RECORD SET:
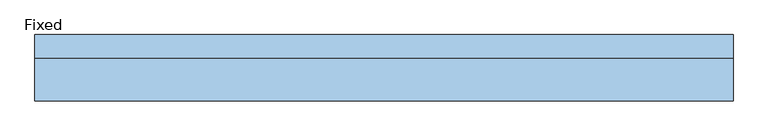
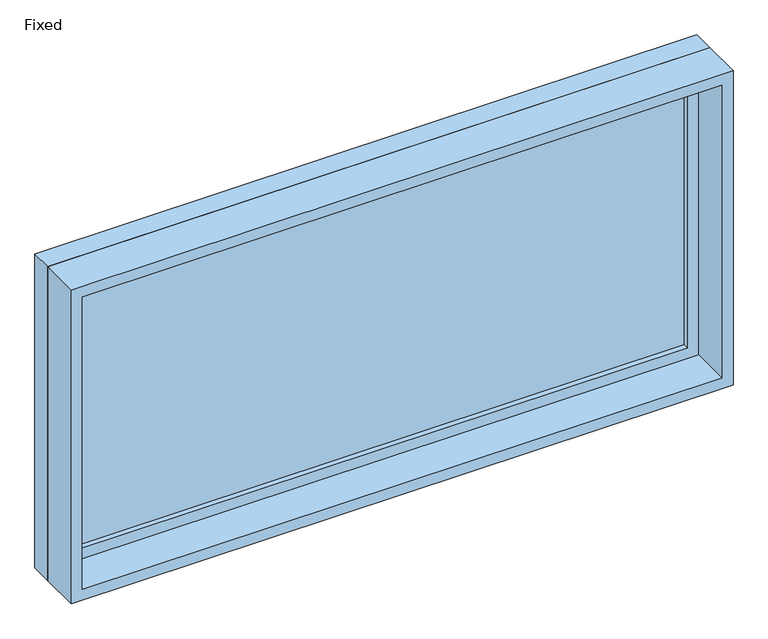
"""IFC4 building model written with IfcOpenShell, lengths in millimetres: window geometry, Fixed."""

from ifc_helpers import new_model, si_unit, frame, origin, place, context, project, spatial, polyline, outline, extrude, source, transform, mapped, element, save


def fixed_39c3167b(model_context):
    return source(origin(), model_context, "Body", "SweptSolid", [
        extrude(outline(polyline([(835.025, 41.275), (-911.225, 41.275), (-911.225, 53.975), (835.025, 53.975), (835.025, 41.275)])), frame((0.0, 0.0, 1257.3), z_axis=(0.0, 0.0, 1.0), x_axis=(1.0, 0.0, 0.0)), (0.0, 0.0, 1.0), 812.8),
        extrude(outline(polyline([(2114.55, -955.675), (1212.85, -955.675), (1212.85, 879.475), (2114.55, 879.475), (2114.55, -955.675)]), holes=[polyline([(2070.1, -911.225), (2070.1, 835.025), (1257.3, 835.025), (1257.3, -911.225), (2070.1, -911.225)])]), frame((0.0, 25.4, 0.0), z_axis=(0.0, 1.0, 0.0), x_axis=(0.0, 0.0, 1.0)), (0.0, 0.0, 1.0), 44.45),
        extrude(outline(polyline([(2133.6, -974.725), (1193.8, -974.725), (1193.8, 898.525), (2133.6, 898.525), (2133.6, -974.725)]), holes=[polyline([(2101.85, -942.975), (2101.85, 866.775), (1225.55, 866.775), (1225.55, -942.975), (2101.85, -942.975)])]), frame((0.0, -88.9, 0.0), z_axis=(0.0, 1.0, 0.0), x_axis=(0.0, 0.0, 1.0)), (0.0, 0.0, 1.0), 114.3),
        extrude(outline(polyline([(2133.6, 898.525), (2133.6, -974.725), (1193.8, -974.725), (1193.8, 898.525), (2133.6, 898.525)]), holes=[polyline([(2114.55, 879.475), (1212.85, 879.475), (1212.85, -955.675), (2114.55, -955.675), (2114.55, 879.475)])]), frame((0.0, 25.4, 0.0), z_axis=(0.0, 1.0, 0.0), x_axis=(0.0, 0.0, 1.0)), (0.0, 0.0, 1.0), 63.5),
    ])


if __name__ == "__main__":
    model = new_model("IFC4")
    model_context = context("Model", 3, world=origin())
    ifc_project = project(units=[si_unit("LENGTHUNIT", "METRE", prefix="MILLI")], contexts=[model_context])
    site = spatial("IfcSite", under=ifc_project)
    building = spatial("IfcBuilding", under=site)
    placement = place(None, origin())
    fixed_shape = fixed_39c3167b(model_context)
    element("IfcWindow", 1, ObjectType="Fixed : 6' 1 34\"\" x 3' 1\"", at=placement, inside=building, context=model_context, shape_type="MappedRepresentation", body=[
        mapped(fixed_shape, transform((0.0, 0.0, 0.0), x_axis=(1.0, 0.0, 0.0), y_axis=(0.0, 1.0, 0.0), z_axis=(0.0, 0.0, 1.0))),
    ])
    save(model, "model.ifc")

# Revit data of these elements
# Type "Fixed : 6' 1 34\"\" x 3' 1\""
#   Type Mark = "10"
#   Assembly Code = "B2020100"
#   Height = 3' - 1"
#   Default Sill Height = 3' - 11"
#   Width = 6' - 1 3/4"
#   Window Inset = 0' - 0 3/4"
#   Glass Pane Material = Glass
#   Sash Material = Sash
#   Wall Closure = (empty or 0)
# Element 1 (IfcWindow, "Fixed : 6' 1 34\"\" x 3' 1\"")
#   Materials on its faces: "Sash", "Glass"
# Materials
#   "Glass": class "Glass", colour RGB 218 227 224, transparency 0.85, Description = "Soda Lime Glass", Cost = 0
#   "Sash": class "Wood", colour RGB 136 99 55, transparency 0

ACTION ITEM: An exact copy of the records above is needed, with the pictures removed.

RESULT:
"""IFC4 building model written with IfcOpenShell, lengths in millimetres: window geometry, Fixed."""

from ifc_helpers import new_model, si_unit, frame, origin, place, context, project, spatial, polyline, outline, extrude, source, transform, mapped, element, save


def fixed_39c3167b(model_context):
    return source(origin(), model_context, "Body", "SweptSolid", [
        extrude(outline(polyline([(835.025, 41.275), (-911.225, 41.275), (-911.225, 53.975), (835.025, 53.975), (835.025, 41.275)])), frame((0.0, 0.0, 1257.3), z_axis=(0.0, 0.0, 1.0), x_axis=(1.0, 0.0, 0.0)), (0.0, 0.0, 1.0), 812.8),
        extrude(outline(polyline([(2114.55, -955.675), (1212.85, -955.675), (1212.85, 879.475), (2114.55, 879.475), (2114.55, -955.675)]), holes=[polyline([(2070.1, -911.225), (2070.1, 835.025), (1257.3, 835.025), (1257.3, -911.225), (2070.1, -911.225)])]), frame((0.0, 25.4, 0.0), z_axis=(0.0, 1.0, 0.0), x_axis=(0.0, 0.0, 1.0)), (0.0, 0.0, 1.0), 44.45),
        extrude(outline(polyline([(2133.6, -974.725), (1193.8, -974.725), (1193.8, 898.525), (2133.6, 898.525), (2133.6, -974.725)]), holes=[polyline([(2101.85, -942.975), (2101.85, 866.775), (1225.55, 866.775), (1225.55, -942.975), (2101.85, -942.975)])]), frame((0.0, -88.9, 0.0), z_axis=(0.0, 1.0, 0.0), x_axis=(0.0, 0.0, 1.0)), (0.0, 0.0, 1.0), 114.3),
        extrude(outline(polyline([(2133.6, 898.525), (2133.6, -974.725), (1193.8, -974.725), (1193.8, 898.525), (2133.6, 898.525)]), holes=[polyline([(2114.55, 879.475), (1212.85, 879.475), (1212.85, -955.675), (2114.55, -955.675), (2114.55, 879.475)])]), frame((0.0, 25.4, 0.0), z_axis=(0.0, 1.0, 0.0), x_axis=(0.0, 0.0, 1.0)), (0.0, 0.0, 1.0), 63.5),
    ])


if __name__ == "__main__":
    model = new_model("IFC4")
    model_context = context("Model", 3, world=origin())
    ifc_project = project(units=[si_unit("LENGTHUNIT", "METRE", prefix="MILLI")], contexts=[model_context])
    site = spatial("IfcSite", under=ifc_project)
    building = spatial("IfcBuilding", under=site)
    placement = place(None, origin())
    fixed_shape = fixed_39c3167b(model_context)
    element("IfcWindow", 1, ObjectType="Fixed : 6' 1 34\"\" x 3' 1\"", at=placement, inside=building, context=model_context, shape_type="MappedRepresentation", body=[
        mapped(fixed_shape, transform((0.0, 0.0, 0.0), x_axis=(1.0, 0.0, 0.0), y_axis=(0.0, 1.0, 0.0), z_axis=(0.0, 0.0, 1.0))),
    ])
    save(model, "model.ifc")

# Revit data of these elements
# Type "Fixed : 6' 1 34\"\" x 3' 1\""
#   Type Mark = "10"
#   Assembly Code = "B2020100"
#   Height = 3' - 1"
#   Default Sill Height = 3' - 11"
#   Width = 6' - 1 3/4"
#   Window Inset = 0' - 0 3/4"
#   Glass Pane Material = Glass
#   Sash Material = Sash
#   Wall Closure = (empty or 0)
# Element 1 (IfcWindow, "Fixed : 6' 1 34\"\" x 3' 1\"")
#   Materials on its faces: "Sash", "Glass"
# Materials
#   "Glass": class "Glass", colour RGB 218 227 224, transparency 0.85, Description = "Soda Lime Glass", Cost = 0
#   "Sash": class "Wood", colour RGB 136 99 55, transparency 0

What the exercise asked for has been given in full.